Whenever I watch Never Let Me Go (I have to limit myself on views or I’d spend a fortune on tissues), what strikes me is how I take something different away from it every time.
You can look at the story as a comment on the way we view the ‘other’: on what happens when a group of people are dehumanised and treated as lesser and suffering is wilfully ignored. I’ve heard the movie spoken about as an allegory for how children fall victim to the class system and how systems oppress those on the bottom rung of society’s ladder. Or you can view it as an unfortunate love story with a sci-fi twist, it’s up to you.
That’s what makes Never Let Me Go quintessential science fiction storytelling. Alex Garland is one of my favourite writers currently working in science fiction cinema because he just gets it. The best science fiction uses its central conceit, be it time travel or adventures in other galaxies or human cloning, and uses it to discuss more Earth-bound issues. That idea of taking the language of sci-fi and using it to tell broader stories is something Garland does so well here, as well as faithfully adapting Kazuo Ishiguro’s novel; it makes me so happy that Garland is becoming a bigger and bigger name in cinema.
Understandably, some find it frustrating that the characters never take steps to try and break out of their situation however I’d say that kind of the point. Escape is absolutely everywhere in storytelling, people escaping locations, relationships, ways of life; it’s a cathartic motif that crosses all genres and is repeatedly demanded by audiences, heck, “escapism” is one of the words that comes up when you ask people why they love cinema itself. In contrast our heroes are looking for a few more years, not emancipation, just a bit more time to spend together. The smallness of that ambition is heart-breaking, it is, as the Bee Gees so astutely said, “tragedy”. Works of tragedy afford their characters a level of sympathy that other narratives styles don’t and the tragedy at the heart of Never Let Me Go is what makes Cathy, Ruth and Tommy’s story stay with you long after the credits have rolled.
“Maybe none of us really understand what we’ve lived through, or feel we’ve had enough time.”

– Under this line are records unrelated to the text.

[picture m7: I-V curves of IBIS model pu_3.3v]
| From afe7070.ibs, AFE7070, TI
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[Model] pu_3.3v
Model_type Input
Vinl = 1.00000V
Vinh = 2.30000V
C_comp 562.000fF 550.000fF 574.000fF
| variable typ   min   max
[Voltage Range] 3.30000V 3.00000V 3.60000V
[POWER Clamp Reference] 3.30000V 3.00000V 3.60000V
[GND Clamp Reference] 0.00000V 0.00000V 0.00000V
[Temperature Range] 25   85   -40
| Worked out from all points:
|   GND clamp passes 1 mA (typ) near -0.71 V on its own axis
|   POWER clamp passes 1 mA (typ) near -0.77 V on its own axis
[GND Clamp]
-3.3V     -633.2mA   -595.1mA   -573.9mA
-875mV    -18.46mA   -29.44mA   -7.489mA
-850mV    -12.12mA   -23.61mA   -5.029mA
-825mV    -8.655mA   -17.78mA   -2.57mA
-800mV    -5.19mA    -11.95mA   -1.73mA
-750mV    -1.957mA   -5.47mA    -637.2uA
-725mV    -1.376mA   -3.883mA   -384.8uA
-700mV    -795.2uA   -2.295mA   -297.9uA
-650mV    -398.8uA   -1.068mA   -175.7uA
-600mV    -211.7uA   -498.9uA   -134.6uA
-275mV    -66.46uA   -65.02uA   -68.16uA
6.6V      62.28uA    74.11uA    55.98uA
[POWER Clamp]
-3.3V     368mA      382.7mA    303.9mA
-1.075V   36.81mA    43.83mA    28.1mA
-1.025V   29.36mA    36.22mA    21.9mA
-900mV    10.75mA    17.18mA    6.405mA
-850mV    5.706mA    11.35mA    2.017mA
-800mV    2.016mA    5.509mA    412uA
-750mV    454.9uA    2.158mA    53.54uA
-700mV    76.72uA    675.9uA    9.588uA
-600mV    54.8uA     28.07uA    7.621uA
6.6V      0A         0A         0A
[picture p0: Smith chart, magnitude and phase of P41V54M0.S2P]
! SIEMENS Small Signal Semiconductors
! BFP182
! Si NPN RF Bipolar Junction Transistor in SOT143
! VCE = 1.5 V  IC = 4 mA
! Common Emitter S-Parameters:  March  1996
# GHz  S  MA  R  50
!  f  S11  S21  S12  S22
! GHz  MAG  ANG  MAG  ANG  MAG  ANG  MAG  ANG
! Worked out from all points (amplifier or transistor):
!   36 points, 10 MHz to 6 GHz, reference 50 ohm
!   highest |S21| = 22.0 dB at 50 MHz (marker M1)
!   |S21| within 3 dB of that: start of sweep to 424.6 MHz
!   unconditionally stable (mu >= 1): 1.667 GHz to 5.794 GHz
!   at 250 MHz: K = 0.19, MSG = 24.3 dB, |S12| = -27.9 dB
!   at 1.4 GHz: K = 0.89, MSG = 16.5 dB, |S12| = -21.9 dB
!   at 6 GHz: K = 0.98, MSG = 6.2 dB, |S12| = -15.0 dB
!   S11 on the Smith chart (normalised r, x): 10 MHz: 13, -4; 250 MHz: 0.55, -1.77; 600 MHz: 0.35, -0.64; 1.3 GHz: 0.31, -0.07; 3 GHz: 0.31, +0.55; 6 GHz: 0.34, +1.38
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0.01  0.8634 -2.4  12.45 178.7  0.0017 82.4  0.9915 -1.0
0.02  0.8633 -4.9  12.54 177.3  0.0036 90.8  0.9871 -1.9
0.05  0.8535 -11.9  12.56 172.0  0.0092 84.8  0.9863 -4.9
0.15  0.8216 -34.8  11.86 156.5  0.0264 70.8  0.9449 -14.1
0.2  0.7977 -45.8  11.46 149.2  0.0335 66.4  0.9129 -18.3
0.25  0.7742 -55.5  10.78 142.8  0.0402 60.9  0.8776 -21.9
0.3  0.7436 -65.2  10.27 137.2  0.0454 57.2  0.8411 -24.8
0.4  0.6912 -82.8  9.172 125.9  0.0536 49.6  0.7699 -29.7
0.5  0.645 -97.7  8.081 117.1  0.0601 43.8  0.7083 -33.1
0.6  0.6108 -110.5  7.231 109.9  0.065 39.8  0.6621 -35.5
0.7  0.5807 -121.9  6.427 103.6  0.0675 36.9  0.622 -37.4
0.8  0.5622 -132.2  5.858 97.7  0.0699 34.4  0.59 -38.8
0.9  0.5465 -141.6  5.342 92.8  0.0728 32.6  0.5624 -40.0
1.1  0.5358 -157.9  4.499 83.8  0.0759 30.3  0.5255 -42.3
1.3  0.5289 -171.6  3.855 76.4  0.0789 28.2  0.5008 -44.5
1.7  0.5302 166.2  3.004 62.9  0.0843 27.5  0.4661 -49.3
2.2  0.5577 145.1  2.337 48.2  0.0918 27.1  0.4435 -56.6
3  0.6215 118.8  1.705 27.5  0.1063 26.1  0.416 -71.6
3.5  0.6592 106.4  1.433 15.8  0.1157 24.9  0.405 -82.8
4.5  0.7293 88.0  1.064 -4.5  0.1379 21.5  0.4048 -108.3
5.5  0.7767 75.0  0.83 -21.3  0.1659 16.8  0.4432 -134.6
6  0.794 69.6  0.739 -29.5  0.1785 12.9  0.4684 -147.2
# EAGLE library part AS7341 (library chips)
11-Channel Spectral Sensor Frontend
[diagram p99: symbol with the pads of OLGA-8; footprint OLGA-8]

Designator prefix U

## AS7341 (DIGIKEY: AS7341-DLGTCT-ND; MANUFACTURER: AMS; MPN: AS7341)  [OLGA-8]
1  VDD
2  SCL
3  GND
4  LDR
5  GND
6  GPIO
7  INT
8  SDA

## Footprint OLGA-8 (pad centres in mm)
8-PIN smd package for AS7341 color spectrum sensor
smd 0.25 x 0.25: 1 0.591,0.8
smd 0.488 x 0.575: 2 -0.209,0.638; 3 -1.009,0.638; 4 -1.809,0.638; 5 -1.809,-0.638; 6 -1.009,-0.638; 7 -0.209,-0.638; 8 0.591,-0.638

I think, if Never Let Me Go was in cinemas today, the film’s success would be a totally different story. The film was released in the UK mid-February 2011 which isn’t great for two reasons. Firstly, movie goers, along with the rest of the public, are usually still a bit strapped for cash in the wake of Christmas so you’ve got to really, really want to see something in order to spend the pennies. Also January/February are peak time for Oscar and BAFTA hopefuls to get released in the UK and at the start of 2011 awards magnet The King’s Speech steamrollered anything it came up against. A little, bleak, arthouse oddity like Never Let Me Go was never going to stand a chance against the double charisma whammy of Colin Firth and Geoffrey Rush.
There’s also the matter of audience tastes. 2011 isn’t all that long ago, but I think audiences are more open to ideas driven, slightly uncomfortable subject matter than they were six years ago. If we move away from the big screen and look at shows like The Handmaids Tale, Black Mirror and more recently Electric Dreams; these are shows that aren’t happiness and light, aren’t afraid of giving their stories downbeat resolutions and yet have been well received by audiences and critics alike. Particularly Black Mirror – in another life Never Let Me Go would’ve fit perfectly into Charlie Brooker’s anthology series as a feature length episode.
As oddly fitting as it is that a film about people the world would rather not see ended up being seen by not many people, I’m very sad that that’s the case. Never Let Me Go is a perfect example of wrong place wrong time and I hope, now that seemingly all media is available to us at all times, in the fullness of time it finds the appreciation it didn’t get on it’s release. Never Let Me Go is quietly, devastatingly beautiful and proof if it were needed that, despite its reputation for shiny chrome and lasers, science fiction can be the most humanist of genres.